Consider the following code:
import torch
@torch.jit.script
def foo(x, xi, y, yi):
return torch.sum(x[xi] * y[yi], dim=1)
emb_size = 100
cooc_count = 10_000_000
word_count = 12543
device = "cuda"
xw = torch.randn(word_count, emb_size, device=device)
yw = torch.randn(word_count, emb_size, device=device)
xi = torch.randint(word_count, (cooc_count,), device=device)
yi = torch.randint(word_count, (cooc_count,), device=device)
dots = foo(xw, xi, yw, yi)
For those curious, this comes up when training word embeddings but that background is not really relevant, I’m more interested in this question in general.
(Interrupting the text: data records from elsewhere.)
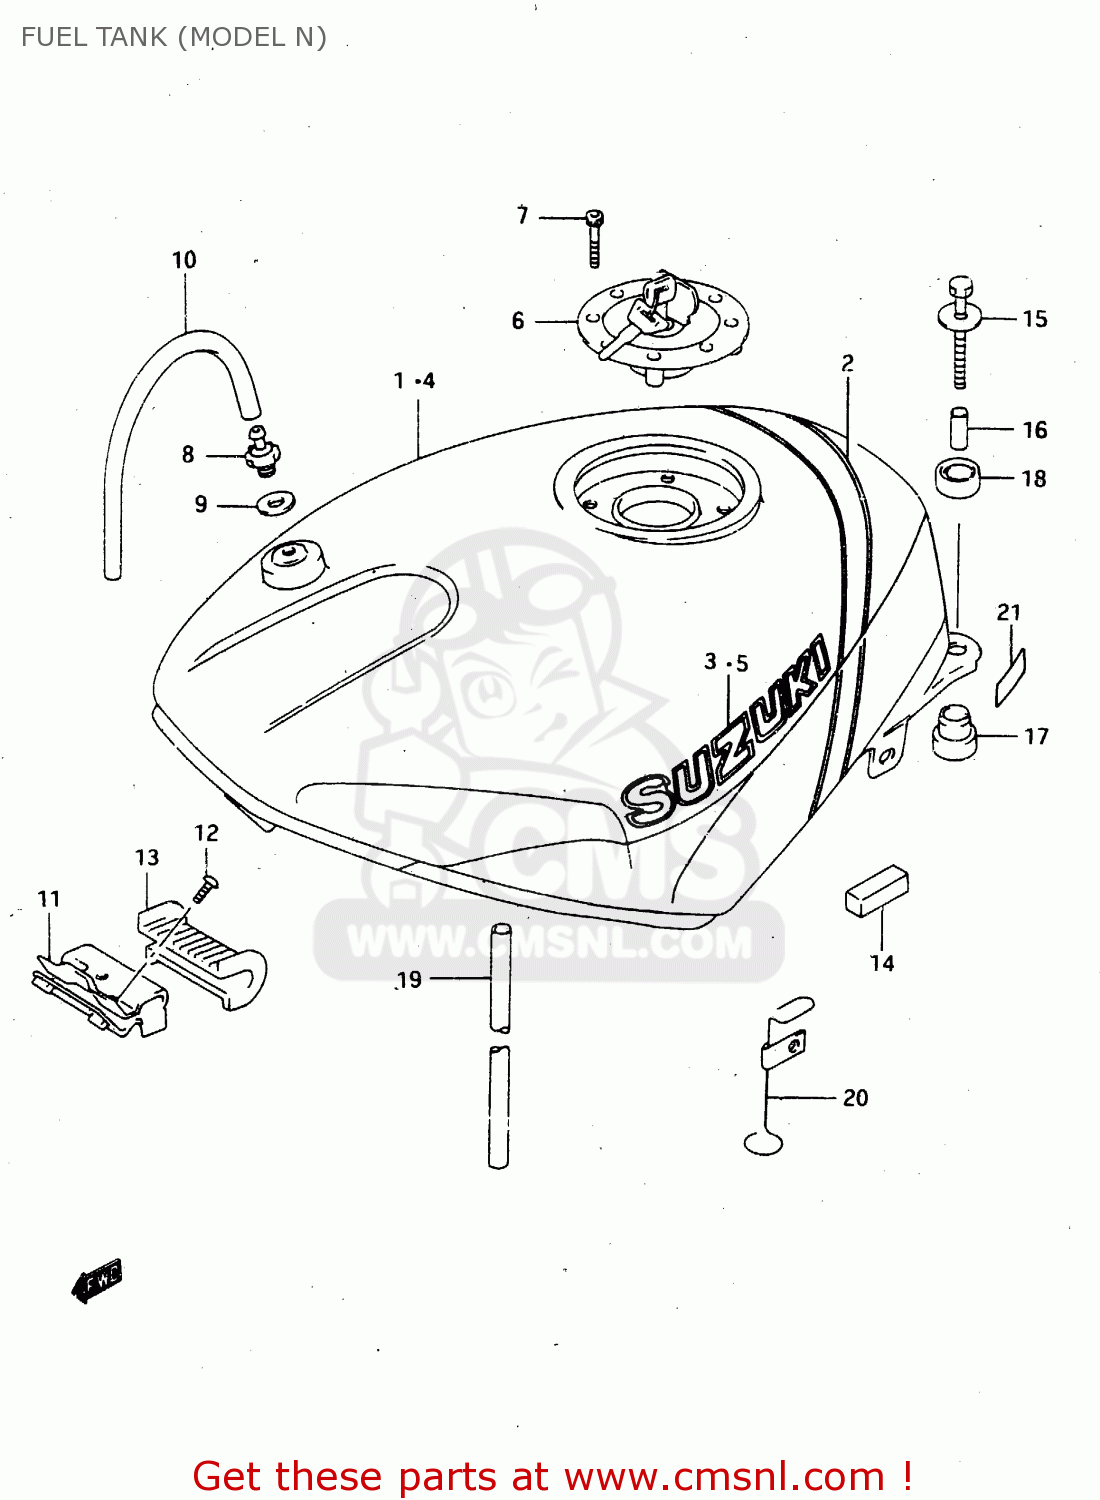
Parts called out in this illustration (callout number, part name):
1	TANK ASSY, FUEL
2	TAPE, FUEL TANK
3	EMBLEM,FUEL TANK(WHITE)
4	TANK ASSY, FUEL (BLACK)
5	EMBLEM
6	CAP SET,FUEL TANK
7	BOLT(5X20)
8	PLUG,FUEL TANK BREATHER
9	GASKET(12.5X20X2.5) (NAS)
10	HOSE(5X8.2X600)
11	BRACKET,FUEL TANK
12	SCREW
13	CUSHION,FUEL TANK,FRONT
14	CUSHION,FUEL TANK SIDE
15	BOLT
16	SPACER
17	CUSHION
18	CUSHION
19	HOSE(5X8.2X2000)
20	GUIDE, DRAIN HOSE
21	PROTECTOR,FRAME COVER NO.2
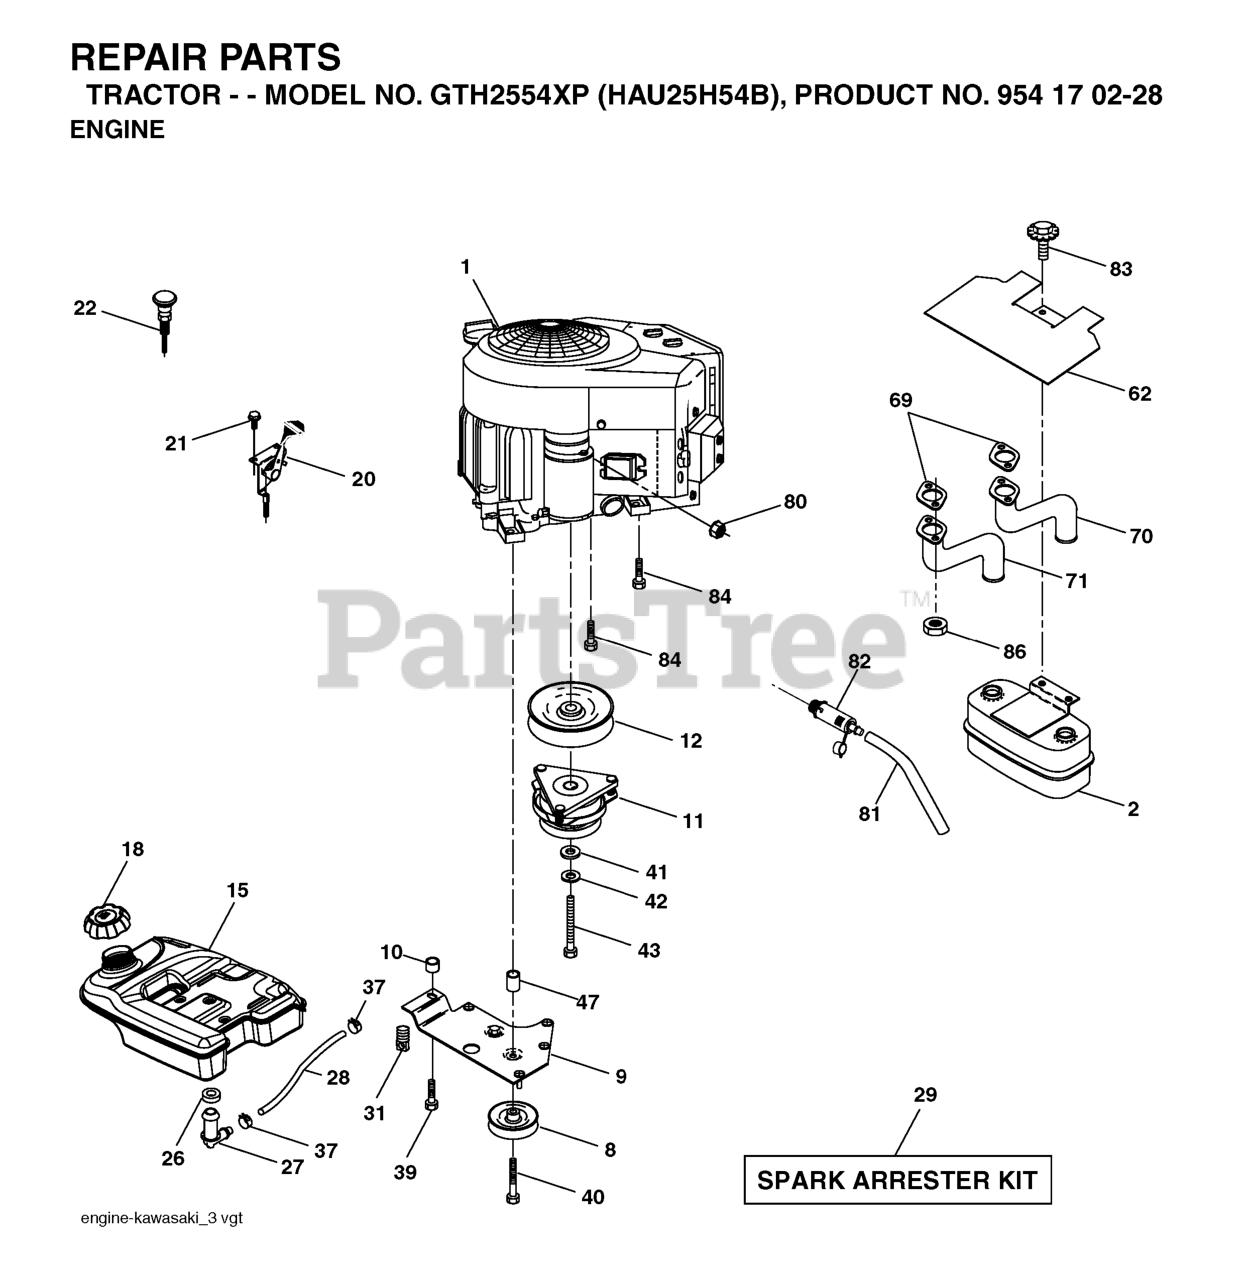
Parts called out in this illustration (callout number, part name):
2	MUFFLER.TWIN.CYL.LOW.TONE
8	RP.IDLER GROOVED
9	KEEPER ASM BELT ENGINE
11	CLUTCH MZ ZTR GT.48/54"1.125"
12	PULLEY ENG VGT ELECT CLUTCH
15	TANK.FUEL.5.0 LEFT.FILL.YTGT
18	TANK CAP
20	CONTROL.THROTTLE.COBRA.42"BLK.
21	SCREW
22	CONTROL, CHOKE
26	BUSHING OUTLET T
27	STEM FUEL TANK
28	HOSE
29	KIT.SPARK ARRESTOR 794945 B&S
37	HOSE CLAMP
39	SCREW TT 3/8-16X2-1/4 UNC
40	Screw TT 3/8-16 x 4 unc
42	LOCKWASHER
43	BOLT HEX 7/16-20 X 3.75 GR. 5
62	HEAT SHIELD
70	TUBE.EXHAUST.KAWASAKI.RH
71	TUBE EXHAUST LH
80	FLANGE NUT
81	TUBE, DRAIN OIL ASM.
83	BOLT.5/16-18UNCX3/4 W/SEMS.BLK
84	SCREW 3/8-16 X 1-1/2
86	NUT.HEX.FLANGE.TOPLOCK

When I run this on my computer the code crashes with a “CUDA out of memory” error, which makes sense because x[xi]
and y[yi]
expand to very large tensors of size (cooc_count, emb_size)
with a bunch of repeated rows in them. This is an unneccesary allocation though, because those tensors are immediatly collapsed into a smaller tensor of size (cooc_count,)
by the multiplication and sum which implement the rowwise dot product.
I was hoping the JIT would realize this and optimize foo
to do this dot product directly while indexing. Is this a known limitation? Is there a way to rewrite the expression that avoids the intermediate allocation?